### Work instructions:
Your answer must be one number: the count of lines below that include "entity".

### Entries supplied:

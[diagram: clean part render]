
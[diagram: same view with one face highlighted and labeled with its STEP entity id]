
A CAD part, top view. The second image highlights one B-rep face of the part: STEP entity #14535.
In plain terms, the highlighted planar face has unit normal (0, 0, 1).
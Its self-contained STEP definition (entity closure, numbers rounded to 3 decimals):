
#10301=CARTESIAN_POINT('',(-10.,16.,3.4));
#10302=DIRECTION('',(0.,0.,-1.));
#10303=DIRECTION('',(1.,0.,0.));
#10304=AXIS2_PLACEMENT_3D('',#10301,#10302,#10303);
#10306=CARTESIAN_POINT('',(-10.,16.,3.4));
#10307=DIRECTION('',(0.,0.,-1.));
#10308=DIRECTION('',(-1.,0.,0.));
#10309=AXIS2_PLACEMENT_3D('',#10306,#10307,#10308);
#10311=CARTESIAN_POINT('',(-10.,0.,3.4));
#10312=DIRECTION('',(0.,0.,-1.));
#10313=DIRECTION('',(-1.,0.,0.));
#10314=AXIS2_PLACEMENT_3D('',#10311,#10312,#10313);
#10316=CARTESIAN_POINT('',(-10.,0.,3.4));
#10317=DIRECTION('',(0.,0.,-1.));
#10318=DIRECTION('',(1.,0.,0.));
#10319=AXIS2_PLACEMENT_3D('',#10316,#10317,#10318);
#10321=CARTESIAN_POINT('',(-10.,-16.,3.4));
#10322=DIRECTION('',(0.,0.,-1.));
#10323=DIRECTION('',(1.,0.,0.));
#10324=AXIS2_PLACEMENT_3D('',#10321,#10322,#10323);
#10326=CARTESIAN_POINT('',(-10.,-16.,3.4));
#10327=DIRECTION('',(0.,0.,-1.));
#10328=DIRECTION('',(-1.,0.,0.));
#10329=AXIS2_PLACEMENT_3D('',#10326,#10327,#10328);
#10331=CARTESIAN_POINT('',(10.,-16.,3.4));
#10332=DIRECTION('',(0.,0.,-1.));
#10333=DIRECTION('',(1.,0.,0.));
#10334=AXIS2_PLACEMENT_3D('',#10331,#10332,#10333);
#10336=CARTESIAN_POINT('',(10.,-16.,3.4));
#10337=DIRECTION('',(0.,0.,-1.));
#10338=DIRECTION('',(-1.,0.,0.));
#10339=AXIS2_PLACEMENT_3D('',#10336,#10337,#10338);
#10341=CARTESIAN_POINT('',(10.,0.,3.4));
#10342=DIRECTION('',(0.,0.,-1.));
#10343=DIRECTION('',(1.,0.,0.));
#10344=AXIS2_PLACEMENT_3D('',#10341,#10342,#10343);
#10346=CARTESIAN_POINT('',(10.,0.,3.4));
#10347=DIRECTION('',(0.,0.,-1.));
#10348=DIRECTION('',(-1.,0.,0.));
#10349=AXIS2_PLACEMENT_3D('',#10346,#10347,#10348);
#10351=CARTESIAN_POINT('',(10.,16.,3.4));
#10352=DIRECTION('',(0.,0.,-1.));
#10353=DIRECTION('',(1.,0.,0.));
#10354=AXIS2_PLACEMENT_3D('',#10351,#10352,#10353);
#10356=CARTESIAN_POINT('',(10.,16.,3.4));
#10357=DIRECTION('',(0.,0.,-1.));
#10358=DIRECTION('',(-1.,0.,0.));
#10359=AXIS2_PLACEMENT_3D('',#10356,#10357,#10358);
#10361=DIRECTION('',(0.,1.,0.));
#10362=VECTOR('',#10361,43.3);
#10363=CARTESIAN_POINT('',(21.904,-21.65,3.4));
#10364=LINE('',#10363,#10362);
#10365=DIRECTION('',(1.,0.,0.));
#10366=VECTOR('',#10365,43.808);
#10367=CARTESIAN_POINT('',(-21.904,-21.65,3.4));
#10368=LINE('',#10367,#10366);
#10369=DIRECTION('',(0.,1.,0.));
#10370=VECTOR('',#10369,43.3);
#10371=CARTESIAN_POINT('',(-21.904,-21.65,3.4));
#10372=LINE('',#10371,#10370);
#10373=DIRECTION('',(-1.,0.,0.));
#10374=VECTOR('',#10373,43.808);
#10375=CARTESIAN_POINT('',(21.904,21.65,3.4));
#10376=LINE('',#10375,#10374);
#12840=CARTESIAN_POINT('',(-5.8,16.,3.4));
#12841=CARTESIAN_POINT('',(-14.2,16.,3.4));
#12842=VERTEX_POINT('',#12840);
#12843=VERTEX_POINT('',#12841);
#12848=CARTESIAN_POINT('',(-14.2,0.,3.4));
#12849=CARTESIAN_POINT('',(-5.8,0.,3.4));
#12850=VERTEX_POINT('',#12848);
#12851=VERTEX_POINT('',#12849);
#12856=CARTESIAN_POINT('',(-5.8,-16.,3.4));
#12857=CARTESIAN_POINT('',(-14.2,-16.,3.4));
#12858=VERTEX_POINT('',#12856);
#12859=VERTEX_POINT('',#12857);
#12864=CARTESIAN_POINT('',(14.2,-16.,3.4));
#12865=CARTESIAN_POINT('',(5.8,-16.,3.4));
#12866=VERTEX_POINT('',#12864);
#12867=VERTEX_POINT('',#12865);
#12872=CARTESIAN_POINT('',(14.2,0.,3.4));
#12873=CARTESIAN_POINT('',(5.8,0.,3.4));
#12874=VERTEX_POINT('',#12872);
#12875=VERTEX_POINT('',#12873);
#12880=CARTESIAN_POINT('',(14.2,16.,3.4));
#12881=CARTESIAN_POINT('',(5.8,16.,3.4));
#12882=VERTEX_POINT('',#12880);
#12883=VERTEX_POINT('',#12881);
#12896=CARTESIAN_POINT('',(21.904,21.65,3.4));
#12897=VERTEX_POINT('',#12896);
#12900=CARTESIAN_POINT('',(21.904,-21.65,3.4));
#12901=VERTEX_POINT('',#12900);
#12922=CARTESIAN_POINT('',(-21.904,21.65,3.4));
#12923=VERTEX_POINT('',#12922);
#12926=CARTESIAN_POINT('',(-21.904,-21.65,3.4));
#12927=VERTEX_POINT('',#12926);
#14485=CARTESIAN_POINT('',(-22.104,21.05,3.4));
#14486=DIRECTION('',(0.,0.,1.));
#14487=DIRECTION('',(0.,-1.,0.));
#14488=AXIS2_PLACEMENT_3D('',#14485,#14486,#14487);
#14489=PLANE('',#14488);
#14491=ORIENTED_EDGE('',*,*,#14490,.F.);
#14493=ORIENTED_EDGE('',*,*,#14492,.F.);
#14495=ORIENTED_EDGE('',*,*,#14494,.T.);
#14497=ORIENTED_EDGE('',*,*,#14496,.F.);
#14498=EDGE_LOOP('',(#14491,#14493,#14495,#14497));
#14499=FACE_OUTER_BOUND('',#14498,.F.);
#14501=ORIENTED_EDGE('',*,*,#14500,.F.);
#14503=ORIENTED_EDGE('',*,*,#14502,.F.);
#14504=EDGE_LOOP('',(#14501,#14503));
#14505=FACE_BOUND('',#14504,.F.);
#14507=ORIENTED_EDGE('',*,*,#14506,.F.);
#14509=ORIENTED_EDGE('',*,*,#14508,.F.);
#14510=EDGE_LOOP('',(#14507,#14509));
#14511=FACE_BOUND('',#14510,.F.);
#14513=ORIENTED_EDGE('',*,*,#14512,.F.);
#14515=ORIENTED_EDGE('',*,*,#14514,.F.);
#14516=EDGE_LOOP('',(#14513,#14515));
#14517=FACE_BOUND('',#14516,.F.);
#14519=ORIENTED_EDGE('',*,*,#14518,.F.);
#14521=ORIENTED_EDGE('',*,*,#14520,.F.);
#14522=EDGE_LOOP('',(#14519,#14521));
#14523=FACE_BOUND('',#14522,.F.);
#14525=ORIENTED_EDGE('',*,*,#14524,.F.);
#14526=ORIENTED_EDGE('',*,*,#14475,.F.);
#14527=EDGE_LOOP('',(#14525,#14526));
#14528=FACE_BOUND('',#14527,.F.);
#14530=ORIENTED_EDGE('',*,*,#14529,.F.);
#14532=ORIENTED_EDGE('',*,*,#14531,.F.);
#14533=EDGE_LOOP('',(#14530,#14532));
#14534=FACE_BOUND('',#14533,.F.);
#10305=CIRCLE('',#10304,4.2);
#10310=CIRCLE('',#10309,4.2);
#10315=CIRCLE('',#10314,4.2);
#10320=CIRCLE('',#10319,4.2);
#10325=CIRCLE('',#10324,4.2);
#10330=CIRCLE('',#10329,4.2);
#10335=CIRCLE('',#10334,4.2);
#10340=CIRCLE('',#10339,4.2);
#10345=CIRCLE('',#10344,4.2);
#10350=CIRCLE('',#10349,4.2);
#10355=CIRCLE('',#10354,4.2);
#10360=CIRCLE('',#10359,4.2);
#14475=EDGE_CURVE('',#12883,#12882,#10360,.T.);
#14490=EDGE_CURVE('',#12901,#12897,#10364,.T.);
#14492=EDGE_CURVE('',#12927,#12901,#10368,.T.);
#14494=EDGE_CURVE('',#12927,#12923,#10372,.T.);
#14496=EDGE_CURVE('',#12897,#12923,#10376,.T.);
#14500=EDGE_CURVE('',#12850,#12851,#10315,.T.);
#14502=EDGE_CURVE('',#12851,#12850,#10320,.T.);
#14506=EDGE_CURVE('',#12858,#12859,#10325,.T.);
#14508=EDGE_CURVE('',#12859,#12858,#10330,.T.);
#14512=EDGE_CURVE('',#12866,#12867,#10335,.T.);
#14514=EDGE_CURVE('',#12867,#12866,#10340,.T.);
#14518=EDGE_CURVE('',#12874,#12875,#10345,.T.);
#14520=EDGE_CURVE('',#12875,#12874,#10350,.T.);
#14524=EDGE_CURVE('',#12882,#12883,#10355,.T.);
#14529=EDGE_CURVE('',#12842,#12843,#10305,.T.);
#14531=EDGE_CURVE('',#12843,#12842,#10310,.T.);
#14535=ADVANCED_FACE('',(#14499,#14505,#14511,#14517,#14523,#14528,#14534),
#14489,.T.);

### Response to the task:
3